What is being asked:
Where the records below show a line containing "# Drawn here: x", start copying; end with the line containing "doc.units = 0", and copy it too.

== Segment start ==

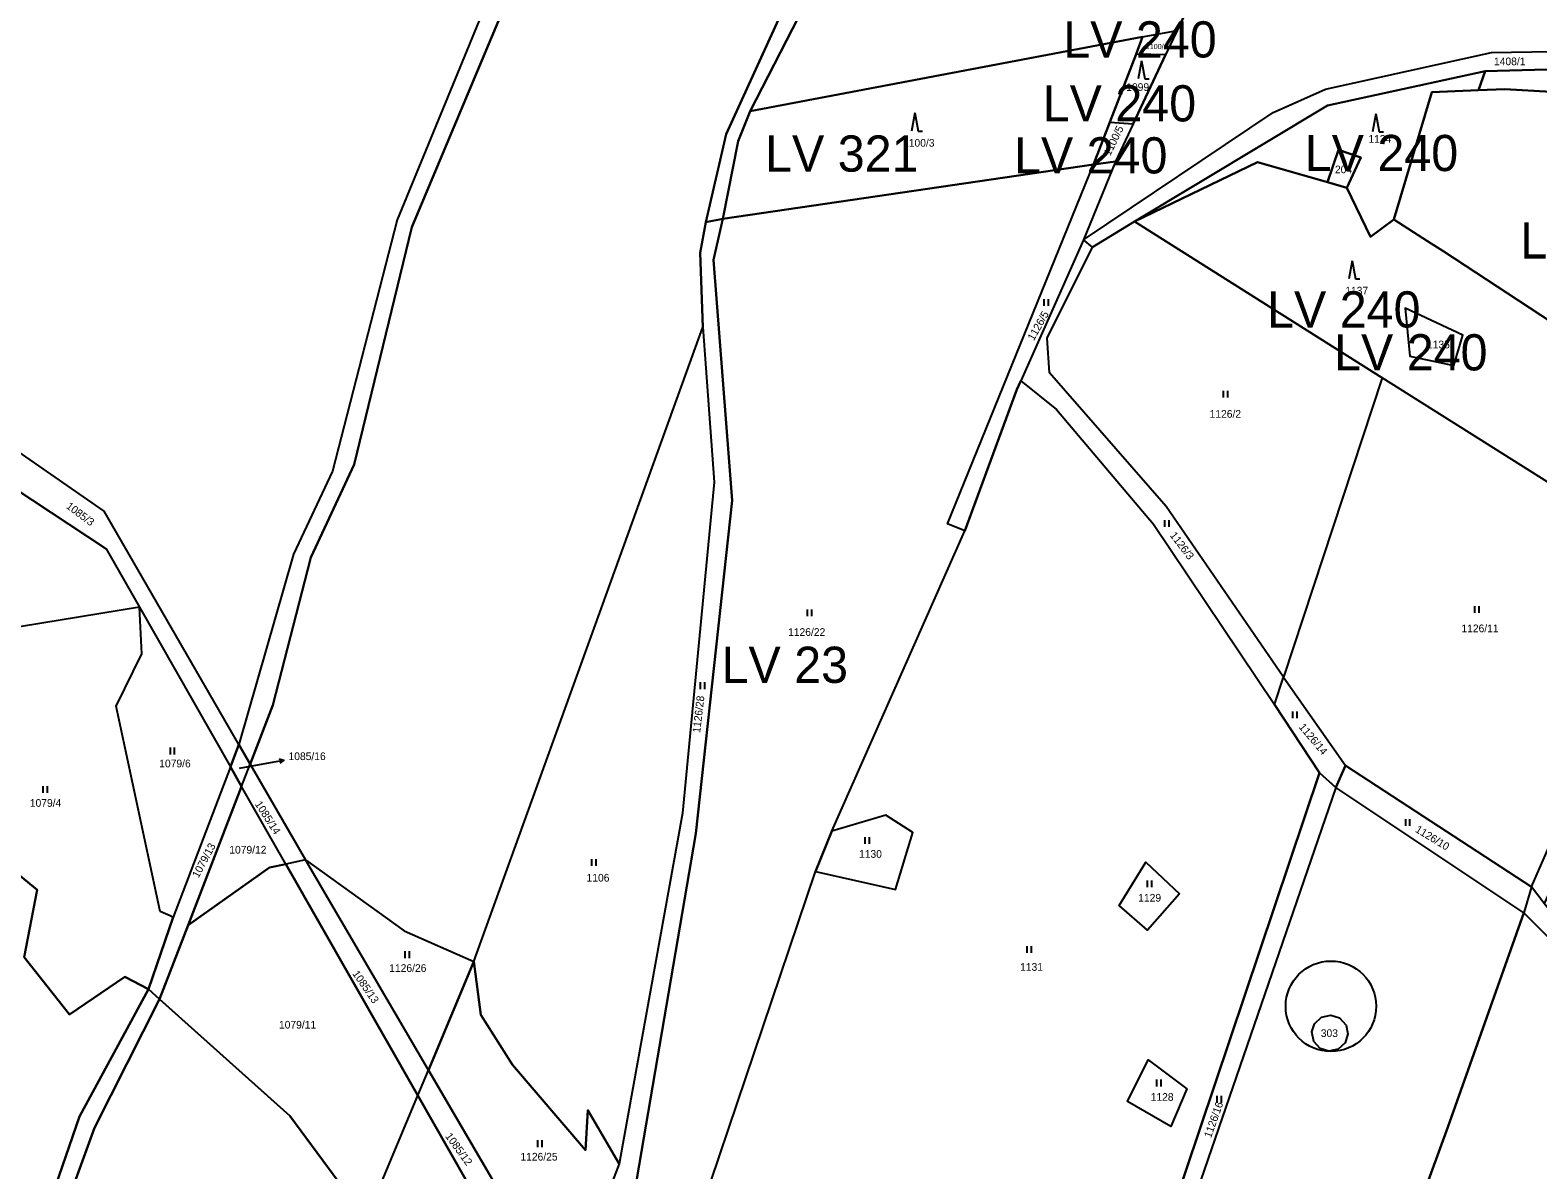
# Model space of a CAD drawing. Extents: x -588699 to -585793, y -1060280 to -1056731.
# Drawn here: x -587820.9 to -587487.8, y -1059020.2 to -1058768.4 of the extents above; entities that cross this region are included whole.
import ezdxf

# ---------------------------------------------------------------- set-up
doc = ezdxf.new("R2010")
doc.units = 0
for name, color, linetype in [('Druh pozemku', 7, 'Continuous'), ('Neřešené', 7, 'Continuous'), ('Parcela nároku', 7, 'Continuous'), ('Parcelní číslo', 7, 'Continuous'), ('Stavby', 7, 'Continuous'), ('Vnější obvod_převzatý', 7, 'Continuous')]:
    doc.layers.add(name, color=color, linetype=linetype)

msp = doc.modelspace()

# ---------------------------------------------------------------- linework, layer by layer
at = {"layer": 'Druh pozemku'}
for p, q in [((-587575.37, -1058775.14), (-587576.1, -1058779.14)), ((-587575.37, -1058775.14), (-587574.64, -1058779.14)), ((-587574.64, -1058779.14), (-587573.64, -1058779.14)), ((-587625.45, -1058786.65), (-587626.19, -1058790.65)), ((-587625.45, -1058786.65), (-587624.72, -1058790.65)), ((-587523.58, -1058786.82), (-587524.32, -1058790.82)), ((-587523.58, -1058786.82), (-587522.85, -1058790.82)), ((-587624.72, -1058790.65), (-587623.72, -1058790.65)), ((-587522.85, -1058790.82), (-587521.85, -1058790.82)), ((-587528.79, -1058819.3), (-587529.53, -1058823.3)), ((-587528.79, -1058819.3), (-587528.06, -1058823.3)), ((-587528.06, -1058823.3), (-587527.06, -1058823.3)), ((-587596.92, -1058827.76), (-587596.92, -1058829.26)), ((-587595.9, -1058829.26), (-587595.9, -1058827.76)), ((-587557.31, -1058848.04), (-587557.31, -1058849.54)), ((-587556.29, -1058849.54), (-587556.29, -1058848.04)), ((-587570.26, -1058876.6), (-587570.26, -1058878.1)), ((-587569.23, -1058878.1), (-587569.23, -1058876.6)), ((-587649.26, -1058896.35), (-587649.26, -1058897.85)), ((-587648.23, -1058897.85), (-587648.23, -1058896.35)), ((-587501.76, -1058895.62), (-587501.76, -1058897.12)), ((-587500.73, -1058897.12), (-587500.73, -1058895.62)), ((-587672.87, -1058912.44), (-587672.87, -1058913.94)), ((-587671.84, -1058913.94), (-587671.84, -1058912.44)), ((-587541.97, -1058918.91), (-587541.97, -1058920.41)), ((-587540.95, -1058920.41), (-587540.95, -1058918.91)), ((-587790.04, -1058926.89), (-587790.04, -1058928.39)), ((-587789.02, -1058928.39), (-587789.02, -1058926.89)), ((-587818.16, -1058935.4), (-587818.16, -1058936.9)), ((-587817.14, -1058936.9), (-587817.14, -1058935.4)), ((-587517.03, -1058942.67), (-587517.03, -1058944.17)), ((-587516.01, -1058944.17), (-587516.01, -1058942.67)), ((-587636.5, -1058946.64), (-587636.5, -1058948.14)), ((-587635.47, -1058948.14), (-587635.47, -1058946.64)), ((-587696.91, -1058951.53), (-587696.91, -1058953.03)), ((-587695.89, -1058953.03), (-587695.89, -1058951.53)), ((-587574.06, -1058956.22), (-587574.06, -1058957.72)), ((-587573.04, -1058957.72), (-587573.04, -1058956.22)), ((-587738.11, -1058971.88), (-587738.11, -1058973.38)), ((-587737.08, -1058973.38), (-587737.08, -1058971.88)), ((-587600.69, -1058970.74), (-587600.69, -1058972.24)), ((-587599.67, -1058972.24), (-587599.67, -1058970.74)), ((-587572.05, -1059000.24), (-587572.05, -1059001.74)), ((-587571.03, -1059001.74), (-587571.03, -1059000.24)), ((-587558.69, -1059003.84), (-587558.69, -1059005.34)), ((-587557.67, -1059005.34), (-587557.67, -1059003.84)), ((-587708.85, -1059013.64), (-587708.85, -1059015.14)), ((-587707.83, -1059015.14), (-587707.83, -1059013.64))]:
    msp.add_line(p, q, dxfattribs=at)
at = {"layer": 'Neřešené'}
msp.add_lwpolyline([(-587534.2, -1058801.97), (-587531.78, -1058794.81), (-587526.9, -1058796.47), (-587529.95, -1058803.18)], close=True, dxfattribs=at)
at = {"layer": 'Parcela nároku'}
for points in [[(-587647.07, -1058584.65), (-587664.66, -1058630.41), (-587683.23, -1058681.65), (-587693.72, -1058708.15), (-587714.84, -1058741.98), (-587721.68, -1058766.23), (-587739.86, -1058810.23), (-587754.13, -1058865.77), (-587762.73, -1058884.15), (-587774.83, -1058926.17), (-587772.32, -1058930.52), (-587767.29, -1058917.5), (-587758.89, -1058884.84), (-587749.31, -1058864.31), (-587736.6, -1058811.9), (-587717.44, -1058766.33), (-587711.58, -1058744.43), (-587689.88, -1058709.42), (-587678.89, -1058682.31), (-587662.12, -1058634.33), (-587639.34, -1058576.72)], [(-587639.34, -1058576.72), (-587662.12, -1058634.33), (-587678.89, -1058682.31), (-587689.88, -1058709.42), (-587711.58, -1058744.43), (-587717.44, -1058766.33), (-587736.6, -1058811.9), (-587749.31, -1058864.31), (-587758.89, -1058884.84), (-587767.29, -1058917.5), (-587772.32, -1058930.52), (-587760.08, -1058951.7), (-587738.27, -1058967.37), (-587722.9, -1058974.18), (-587672.29, -1058833.97), (-587672.88, -1058817.55), (-587671.61, -1058810.76), (-587667.13, -1058791.3), (-587654.74, -1058764.24), (-587629.6, -1058673.78), (-587614.6, -1058629.4), (-587607.6, -1058620.46), (-587591.67, -1058612.59)], [(-587647.07, -1058584.65), (-587664.66, -1058630.41), (-587683.23, -1058681.65), (-587693.72, -1058708.15), (-587714.84, -1058741.98), (-587721.68, -1058766.23), (-587739.86, -1058810.23), (-587754.13, -1058865.77), (-587762.73, -1058884.15), (-587774.83, -1058926.17), (-587804.58, -1058874.64), (-587847.22, -1058845.13)], [(-587591.67, -1058612.59), (-587607.6, -1058620.46), (-587614.6, -1058629.4), (-587629.6, -1058673.78), (-587654.74, -1058764.24), (-587667.13, -1058791.3), (-587671.61, -1058810.76), (-587667.89, -1058810.04), (-587664.46, -1058792.89), (-587661.81, -1058786.25), (-587651.11, -1058765.46), (-587635.03, -1058707.54), (-587611.6, -1058632.08), (-587605.95, -1058623.77), (-587550, -1058596.19)], [(-587503.55, -1058608.11), (-587519.89, -1058645.26), (-587523.16, -1058658.51), (-587545.16, -1058714.72), (-587549.47, -1058725.55), (-587557.48, -1058747.69), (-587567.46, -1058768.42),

== Segment end ==

Task output:
# Drawn here: x -587820.9 to -587487.8, y -1059020.2 to -1058768.4 of the extents above; entities that cross this region are included whole.
import ezdxf

# ---------------------------------------------------------------- set-up
doc = ezdxf.new("R2010")
doc.units = 0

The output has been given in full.